TRY IT.
Among the entries below, please repeat exactly and only the lines from the line containing "#5301=VERTEX_POINT('',#5299);" to the line containing "#5582=PLANE('',#5581);", both lines included.

DATA RECORDS.
- - -

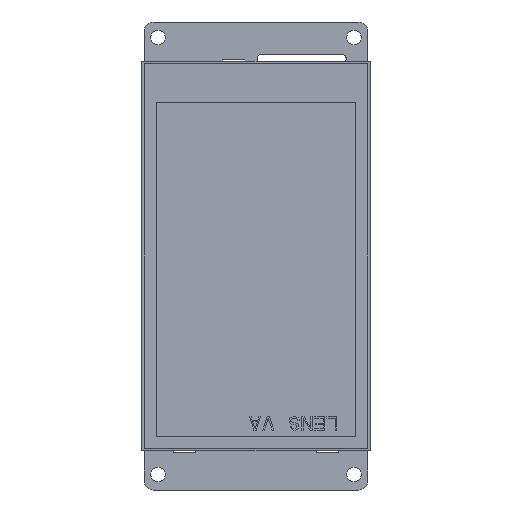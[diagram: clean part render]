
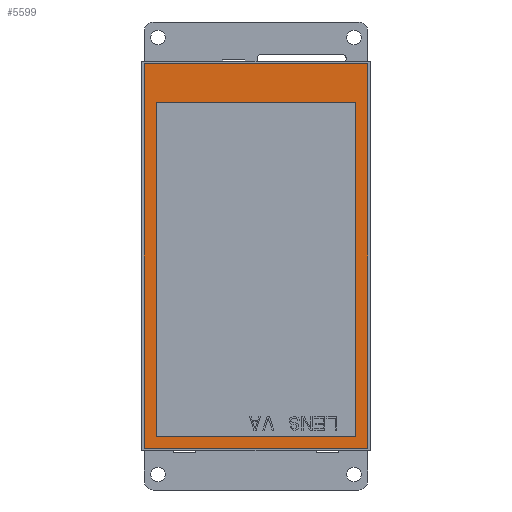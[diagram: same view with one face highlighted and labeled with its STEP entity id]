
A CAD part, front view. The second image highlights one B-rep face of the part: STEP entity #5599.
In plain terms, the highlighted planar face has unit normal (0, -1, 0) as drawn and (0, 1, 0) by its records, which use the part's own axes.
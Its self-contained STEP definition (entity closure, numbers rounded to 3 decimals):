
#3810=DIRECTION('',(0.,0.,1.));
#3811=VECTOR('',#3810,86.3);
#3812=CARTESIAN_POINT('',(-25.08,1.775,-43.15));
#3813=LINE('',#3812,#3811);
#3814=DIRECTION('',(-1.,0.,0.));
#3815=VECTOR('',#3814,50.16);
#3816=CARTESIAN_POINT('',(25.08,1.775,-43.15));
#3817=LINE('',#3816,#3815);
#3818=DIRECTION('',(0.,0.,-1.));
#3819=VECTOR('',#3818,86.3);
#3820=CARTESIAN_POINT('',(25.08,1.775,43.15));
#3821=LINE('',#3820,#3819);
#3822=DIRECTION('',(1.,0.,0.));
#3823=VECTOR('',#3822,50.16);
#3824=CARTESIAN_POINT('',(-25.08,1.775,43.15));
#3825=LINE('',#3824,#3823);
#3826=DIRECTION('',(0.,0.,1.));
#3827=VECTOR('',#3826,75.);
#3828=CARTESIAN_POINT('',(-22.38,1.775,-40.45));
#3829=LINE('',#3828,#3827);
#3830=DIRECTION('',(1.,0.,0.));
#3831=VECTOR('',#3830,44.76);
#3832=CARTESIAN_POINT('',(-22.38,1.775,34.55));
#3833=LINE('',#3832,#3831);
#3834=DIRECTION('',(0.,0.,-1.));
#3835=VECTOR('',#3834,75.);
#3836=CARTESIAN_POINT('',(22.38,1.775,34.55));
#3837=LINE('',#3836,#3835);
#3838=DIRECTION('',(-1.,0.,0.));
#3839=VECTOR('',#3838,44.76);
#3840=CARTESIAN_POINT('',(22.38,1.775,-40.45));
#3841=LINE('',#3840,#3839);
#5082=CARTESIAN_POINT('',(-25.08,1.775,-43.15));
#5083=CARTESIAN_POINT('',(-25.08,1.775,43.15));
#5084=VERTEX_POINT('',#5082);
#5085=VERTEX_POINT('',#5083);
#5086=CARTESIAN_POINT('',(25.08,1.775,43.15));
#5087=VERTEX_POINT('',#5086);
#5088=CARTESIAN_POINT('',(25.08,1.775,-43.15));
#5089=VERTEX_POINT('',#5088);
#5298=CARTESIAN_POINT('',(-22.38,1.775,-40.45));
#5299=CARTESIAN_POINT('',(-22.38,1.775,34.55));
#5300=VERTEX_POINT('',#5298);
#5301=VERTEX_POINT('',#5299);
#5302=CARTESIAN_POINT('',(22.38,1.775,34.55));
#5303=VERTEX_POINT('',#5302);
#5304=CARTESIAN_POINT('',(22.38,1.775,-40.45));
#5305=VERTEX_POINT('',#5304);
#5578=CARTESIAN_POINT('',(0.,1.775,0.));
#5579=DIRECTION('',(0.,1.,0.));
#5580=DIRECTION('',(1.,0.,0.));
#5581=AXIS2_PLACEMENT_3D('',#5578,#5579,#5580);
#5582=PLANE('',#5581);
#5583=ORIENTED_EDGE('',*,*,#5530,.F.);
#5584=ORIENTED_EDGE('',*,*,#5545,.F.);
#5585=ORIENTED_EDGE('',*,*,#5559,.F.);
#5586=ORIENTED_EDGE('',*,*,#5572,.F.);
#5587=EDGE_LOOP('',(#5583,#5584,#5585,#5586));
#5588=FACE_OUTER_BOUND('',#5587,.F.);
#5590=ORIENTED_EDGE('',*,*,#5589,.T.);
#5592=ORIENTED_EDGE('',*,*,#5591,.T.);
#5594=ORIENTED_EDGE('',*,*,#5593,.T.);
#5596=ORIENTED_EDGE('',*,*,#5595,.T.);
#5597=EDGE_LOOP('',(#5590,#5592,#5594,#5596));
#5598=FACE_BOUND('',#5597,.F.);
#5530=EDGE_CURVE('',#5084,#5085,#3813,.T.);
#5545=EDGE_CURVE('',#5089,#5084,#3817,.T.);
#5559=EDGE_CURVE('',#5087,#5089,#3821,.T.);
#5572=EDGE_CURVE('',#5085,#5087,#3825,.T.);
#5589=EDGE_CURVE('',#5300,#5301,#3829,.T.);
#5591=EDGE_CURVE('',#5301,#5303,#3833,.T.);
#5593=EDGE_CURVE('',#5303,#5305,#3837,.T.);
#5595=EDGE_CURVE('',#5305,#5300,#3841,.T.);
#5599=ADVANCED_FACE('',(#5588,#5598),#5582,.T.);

- - -

ANSWER AREA.
#5301=VERTEX_POINT('',#5299);
#5302=CARTESIAN_POINT('',(22.38,1.775,34.55));
#5303=VERTEX_POINT('',#5302);
#5304=CARTESIAN_POINT('',(22.38,1.775,-40.45));
#5305=VERTEX_POINT('',#5304);
#5578=CARTESIAN_POINT('',(0.,1.775,0.));
#5579=DIRECTION('',(0.,1.,0.));
#5580=DIRECTION('',(1.,0.,0.));
#5581=AXIS2_PLACEMENT_3D('',#5578,#5579,#5580);
#5582=PLANE('',#5581);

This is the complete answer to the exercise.